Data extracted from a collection
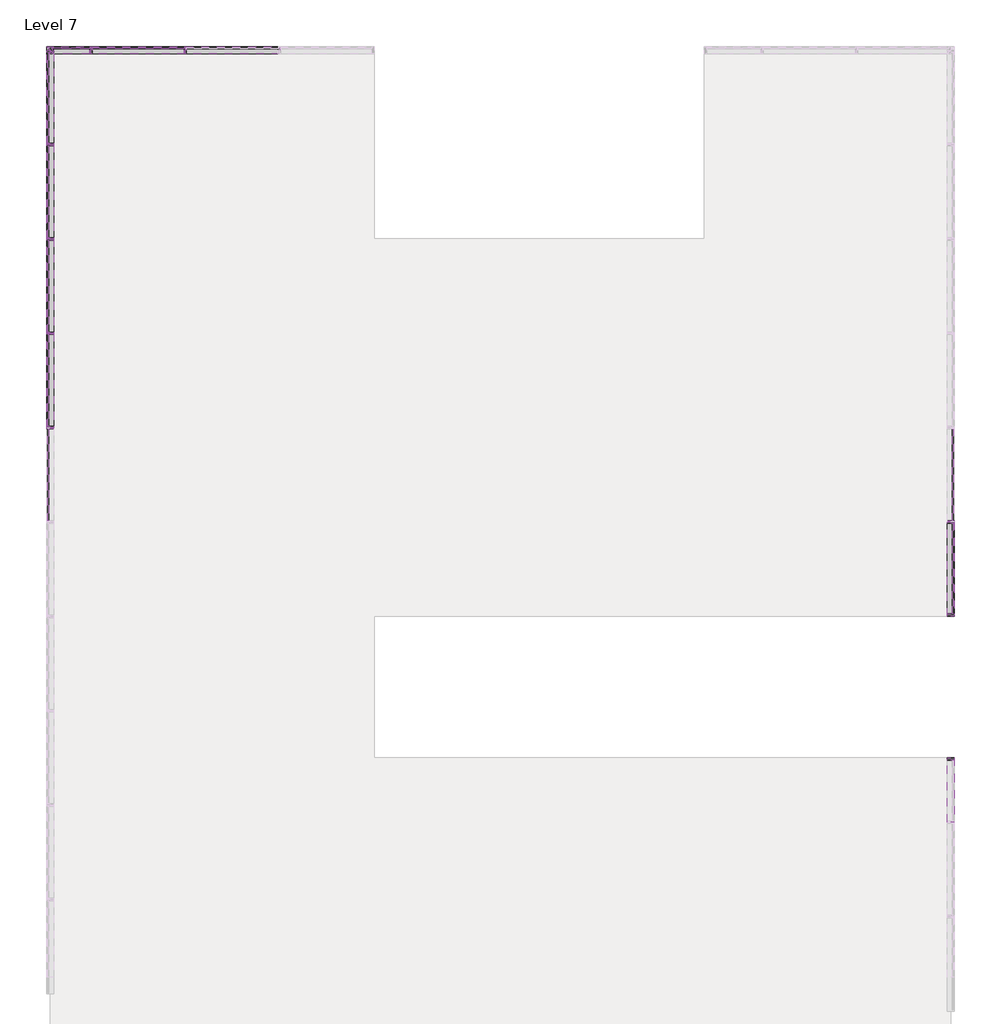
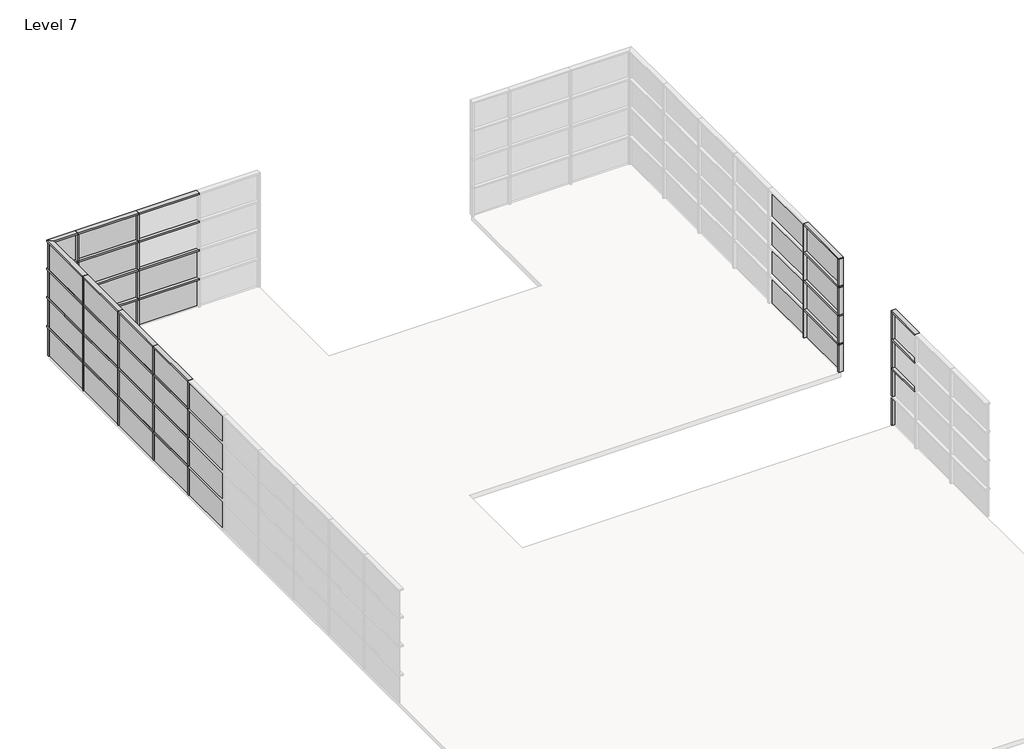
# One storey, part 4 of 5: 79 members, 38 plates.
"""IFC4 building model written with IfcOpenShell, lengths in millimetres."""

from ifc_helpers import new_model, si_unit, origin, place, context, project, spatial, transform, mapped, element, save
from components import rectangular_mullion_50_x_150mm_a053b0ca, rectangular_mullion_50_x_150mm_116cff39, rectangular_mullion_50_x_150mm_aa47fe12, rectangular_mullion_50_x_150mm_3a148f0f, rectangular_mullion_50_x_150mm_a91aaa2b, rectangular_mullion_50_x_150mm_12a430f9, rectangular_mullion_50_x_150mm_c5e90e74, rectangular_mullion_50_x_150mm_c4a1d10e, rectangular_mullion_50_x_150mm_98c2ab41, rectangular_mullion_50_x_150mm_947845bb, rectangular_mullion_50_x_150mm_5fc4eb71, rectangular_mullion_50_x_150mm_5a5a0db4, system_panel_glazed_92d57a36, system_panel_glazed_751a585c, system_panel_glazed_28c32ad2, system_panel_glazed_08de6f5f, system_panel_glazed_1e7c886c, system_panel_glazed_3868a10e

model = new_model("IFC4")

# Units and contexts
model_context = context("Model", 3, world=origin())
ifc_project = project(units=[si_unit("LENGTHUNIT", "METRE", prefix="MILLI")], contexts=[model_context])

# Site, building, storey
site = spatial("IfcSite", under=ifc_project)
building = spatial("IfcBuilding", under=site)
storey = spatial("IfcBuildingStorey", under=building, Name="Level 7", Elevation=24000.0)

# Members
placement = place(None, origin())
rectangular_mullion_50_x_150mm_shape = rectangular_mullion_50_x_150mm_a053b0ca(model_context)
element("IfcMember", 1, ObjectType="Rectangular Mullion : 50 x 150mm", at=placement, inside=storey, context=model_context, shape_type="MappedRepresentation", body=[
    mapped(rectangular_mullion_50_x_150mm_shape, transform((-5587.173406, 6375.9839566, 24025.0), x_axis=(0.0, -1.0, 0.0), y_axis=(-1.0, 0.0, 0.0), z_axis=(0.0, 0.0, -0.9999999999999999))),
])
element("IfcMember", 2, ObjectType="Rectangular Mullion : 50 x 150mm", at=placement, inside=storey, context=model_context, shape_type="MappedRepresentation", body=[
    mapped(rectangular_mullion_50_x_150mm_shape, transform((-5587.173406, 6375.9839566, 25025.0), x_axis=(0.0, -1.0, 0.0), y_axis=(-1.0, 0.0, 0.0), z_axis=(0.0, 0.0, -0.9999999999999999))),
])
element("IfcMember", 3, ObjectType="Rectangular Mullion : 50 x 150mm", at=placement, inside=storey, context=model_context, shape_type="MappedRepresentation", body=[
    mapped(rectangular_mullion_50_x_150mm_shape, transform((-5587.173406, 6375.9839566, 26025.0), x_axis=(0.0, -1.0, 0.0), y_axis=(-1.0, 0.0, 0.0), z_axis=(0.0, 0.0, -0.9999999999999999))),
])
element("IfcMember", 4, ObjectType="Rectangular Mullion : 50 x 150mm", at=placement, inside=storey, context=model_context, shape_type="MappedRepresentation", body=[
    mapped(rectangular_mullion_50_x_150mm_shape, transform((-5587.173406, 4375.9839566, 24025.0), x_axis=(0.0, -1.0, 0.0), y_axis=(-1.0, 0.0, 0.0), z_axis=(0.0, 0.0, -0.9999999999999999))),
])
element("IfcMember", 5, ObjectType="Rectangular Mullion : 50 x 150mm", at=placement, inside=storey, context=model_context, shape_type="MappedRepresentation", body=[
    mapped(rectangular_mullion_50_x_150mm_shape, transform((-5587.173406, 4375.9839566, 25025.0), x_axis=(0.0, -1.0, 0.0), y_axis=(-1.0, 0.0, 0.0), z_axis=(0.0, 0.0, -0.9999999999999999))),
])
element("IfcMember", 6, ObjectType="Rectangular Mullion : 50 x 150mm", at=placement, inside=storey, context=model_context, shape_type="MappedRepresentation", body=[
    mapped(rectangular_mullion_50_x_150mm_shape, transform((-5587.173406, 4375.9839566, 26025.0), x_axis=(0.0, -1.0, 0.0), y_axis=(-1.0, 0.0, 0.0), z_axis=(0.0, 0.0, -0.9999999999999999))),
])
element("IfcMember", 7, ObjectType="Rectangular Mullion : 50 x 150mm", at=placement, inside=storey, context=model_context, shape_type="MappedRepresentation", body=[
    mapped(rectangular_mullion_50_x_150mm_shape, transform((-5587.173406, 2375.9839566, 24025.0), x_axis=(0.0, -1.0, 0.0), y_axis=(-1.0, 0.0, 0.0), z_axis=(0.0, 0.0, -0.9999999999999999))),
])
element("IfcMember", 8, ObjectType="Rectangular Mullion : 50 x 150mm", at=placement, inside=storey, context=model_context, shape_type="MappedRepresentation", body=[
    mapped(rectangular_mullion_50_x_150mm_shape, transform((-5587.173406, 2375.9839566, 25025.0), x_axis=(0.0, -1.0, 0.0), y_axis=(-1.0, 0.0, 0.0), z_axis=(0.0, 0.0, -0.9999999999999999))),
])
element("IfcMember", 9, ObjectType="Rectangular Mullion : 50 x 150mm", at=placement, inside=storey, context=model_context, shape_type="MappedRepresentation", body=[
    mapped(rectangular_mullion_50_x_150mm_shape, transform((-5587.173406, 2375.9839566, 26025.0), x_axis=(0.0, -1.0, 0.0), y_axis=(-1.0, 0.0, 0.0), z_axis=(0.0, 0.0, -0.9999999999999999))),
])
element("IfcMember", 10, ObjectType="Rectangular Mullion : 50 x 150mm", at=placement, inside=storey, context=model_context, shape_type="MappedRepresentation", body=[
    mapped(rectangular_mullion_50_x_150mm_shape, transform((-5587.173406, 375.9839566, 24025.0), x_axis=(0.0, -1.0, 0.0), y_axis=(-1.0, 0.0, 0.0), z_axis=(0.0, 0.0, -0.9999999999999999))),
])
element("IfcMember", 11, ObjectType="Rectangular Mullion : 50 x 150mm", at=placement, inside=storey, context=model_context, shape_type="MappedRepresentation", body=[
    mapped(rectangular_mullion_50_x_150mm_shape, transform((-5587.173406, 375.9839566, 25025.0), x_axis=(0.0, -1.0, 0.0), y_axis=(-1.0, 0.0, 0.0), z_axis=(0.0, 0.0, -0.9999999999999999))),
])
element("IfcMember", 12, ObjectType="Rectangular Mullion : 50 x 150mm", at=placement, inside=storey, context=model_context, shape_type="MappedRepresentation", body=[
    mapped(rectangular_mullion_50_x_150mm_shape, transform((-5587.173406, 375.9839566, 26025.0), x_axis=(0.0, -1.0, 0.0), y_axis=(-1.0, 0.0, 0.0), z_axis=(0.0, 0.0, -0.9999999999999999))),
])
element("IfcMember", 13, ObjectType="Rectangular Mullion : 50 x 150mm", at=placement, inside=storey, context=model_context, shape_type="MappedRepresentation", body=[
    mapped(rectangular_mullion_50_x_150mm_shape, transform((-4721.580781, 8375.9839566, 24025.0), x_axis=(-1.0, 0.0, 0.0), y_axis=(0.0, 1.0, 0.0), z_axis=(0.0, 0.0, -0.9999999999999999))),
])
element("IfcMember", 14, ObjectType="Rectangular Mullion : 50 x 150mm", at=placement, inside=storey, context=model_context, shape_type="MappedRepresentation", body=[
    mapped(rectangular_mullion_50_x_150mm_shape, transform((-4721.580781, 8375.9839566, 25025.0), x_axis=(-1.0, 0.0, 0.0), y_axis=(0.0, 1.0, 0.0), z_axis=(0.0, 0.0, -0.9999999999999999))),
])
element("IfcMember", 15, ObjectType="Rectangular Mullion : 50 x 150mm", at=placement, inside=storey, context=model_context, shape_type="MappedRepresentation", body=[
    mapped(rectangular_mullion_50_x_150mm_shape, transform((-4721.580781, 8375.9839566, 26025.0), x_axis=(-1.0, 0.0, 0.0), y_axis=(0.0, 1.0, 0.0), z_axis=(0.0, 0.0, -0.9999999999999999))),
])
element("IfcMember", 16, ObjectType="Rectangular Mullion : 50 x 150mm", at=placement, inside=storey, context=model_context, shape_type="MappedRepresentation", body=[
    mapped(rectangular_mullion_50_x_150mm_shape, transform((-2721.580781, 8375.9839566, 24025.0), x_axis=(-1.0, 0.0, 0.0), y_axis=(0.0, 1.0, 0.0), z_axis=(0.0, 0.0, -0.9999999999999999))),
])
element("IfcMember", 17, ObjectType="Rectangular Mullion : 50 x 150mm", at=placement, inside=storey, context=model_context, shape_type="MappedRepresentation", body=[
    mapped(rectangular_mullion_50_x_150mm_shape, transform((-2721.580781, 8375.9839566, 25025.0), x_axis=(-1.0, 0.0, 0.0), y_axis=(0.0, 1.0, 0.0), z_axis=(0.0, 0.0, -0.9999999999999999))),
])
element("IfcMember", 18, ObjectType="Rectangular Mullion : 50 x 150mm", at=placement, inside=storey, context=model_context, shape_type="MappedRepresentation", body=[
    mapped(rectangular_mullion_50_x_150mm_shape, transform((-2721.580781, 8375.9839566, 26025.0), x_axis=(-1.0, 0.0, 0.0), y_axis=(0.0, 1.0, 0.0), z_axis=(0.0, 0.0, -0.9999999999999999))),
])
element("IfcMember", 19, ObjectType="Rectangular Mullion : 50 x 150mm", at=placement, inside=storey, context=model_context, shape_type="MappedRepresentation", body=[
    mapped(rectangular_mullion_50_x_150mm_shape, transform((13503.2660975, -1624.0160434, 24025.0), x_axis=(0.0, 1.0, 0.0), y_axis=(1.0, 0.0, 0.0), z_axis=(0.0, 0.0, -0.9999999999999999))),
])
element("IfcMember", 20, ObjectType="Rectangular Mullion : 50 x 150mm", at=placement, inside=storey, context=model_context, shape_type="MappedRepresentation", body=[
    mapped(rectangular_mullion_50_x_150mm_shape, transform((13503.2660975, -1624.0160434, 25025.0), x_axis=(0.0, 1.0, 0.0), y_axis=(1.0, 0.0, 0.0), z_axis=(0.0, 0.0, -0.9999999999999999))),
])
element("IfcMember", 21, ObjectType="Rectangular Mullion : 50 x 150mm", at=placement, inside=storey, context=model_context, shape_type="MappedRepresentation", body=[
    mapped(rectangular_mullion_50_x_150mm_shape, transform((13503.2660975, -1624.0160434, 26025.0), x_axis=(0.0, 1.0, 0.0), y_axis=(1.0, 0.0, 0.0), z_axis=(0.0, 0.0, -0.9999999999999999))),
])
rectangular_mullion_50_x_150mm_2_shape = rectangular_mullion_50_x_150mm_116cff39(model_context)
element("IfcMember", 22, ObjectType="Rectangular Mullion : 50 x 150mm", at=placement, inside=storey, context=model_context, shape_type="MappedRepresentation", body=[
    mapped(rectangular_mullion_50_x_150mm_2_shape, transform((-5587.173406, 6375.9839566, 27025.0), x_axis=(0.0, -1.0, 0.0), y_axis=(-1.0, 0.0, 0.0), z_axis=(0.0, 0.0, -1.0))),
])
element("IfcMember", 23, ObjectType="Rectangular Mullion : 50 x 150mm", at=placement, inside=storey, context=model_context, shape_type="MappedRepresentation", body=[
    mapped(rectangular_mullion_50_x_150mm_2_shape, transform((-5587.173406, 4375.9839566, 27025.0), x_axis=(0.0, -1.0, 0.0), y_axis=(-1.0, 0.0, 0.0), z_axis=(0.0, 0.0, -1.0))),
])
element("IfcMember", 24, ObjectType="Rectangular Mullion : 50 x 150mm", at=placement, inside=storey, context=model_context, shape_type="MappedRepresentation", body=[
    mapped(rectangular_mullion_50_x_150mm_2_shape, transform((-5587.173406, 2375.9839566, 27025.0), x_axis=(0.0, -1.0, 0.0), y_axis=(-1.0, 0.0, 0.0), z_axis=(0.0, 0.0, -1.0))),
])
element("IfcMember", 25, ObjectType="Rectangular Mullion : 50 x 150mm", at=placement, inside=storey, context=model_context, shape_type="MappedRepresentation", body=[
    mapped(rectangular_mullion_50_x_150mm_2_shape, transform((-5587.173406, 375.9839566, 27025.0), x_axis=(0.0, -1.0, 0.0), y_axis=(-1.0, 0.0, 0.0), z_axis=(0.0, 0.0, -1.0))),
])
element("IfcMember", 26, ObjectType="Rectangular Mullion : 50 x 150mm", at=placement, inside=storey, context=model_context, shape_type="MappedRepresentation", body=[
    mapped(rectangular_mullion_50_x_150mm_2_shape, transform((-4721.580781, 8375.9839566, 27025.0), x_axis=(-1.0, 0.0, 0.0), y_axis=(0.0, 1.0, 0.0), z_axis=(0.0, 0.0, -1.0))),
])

> [What the exercise asks]: Identify the lines of the entries containing the string "contexts". Copy each such line.

> [Expected answer]:
# Units and contexts
ifc_project = project(units=[si_unit("LENGTHUNIT", "METRE", prefix="MILLI")], contexts=[model_context])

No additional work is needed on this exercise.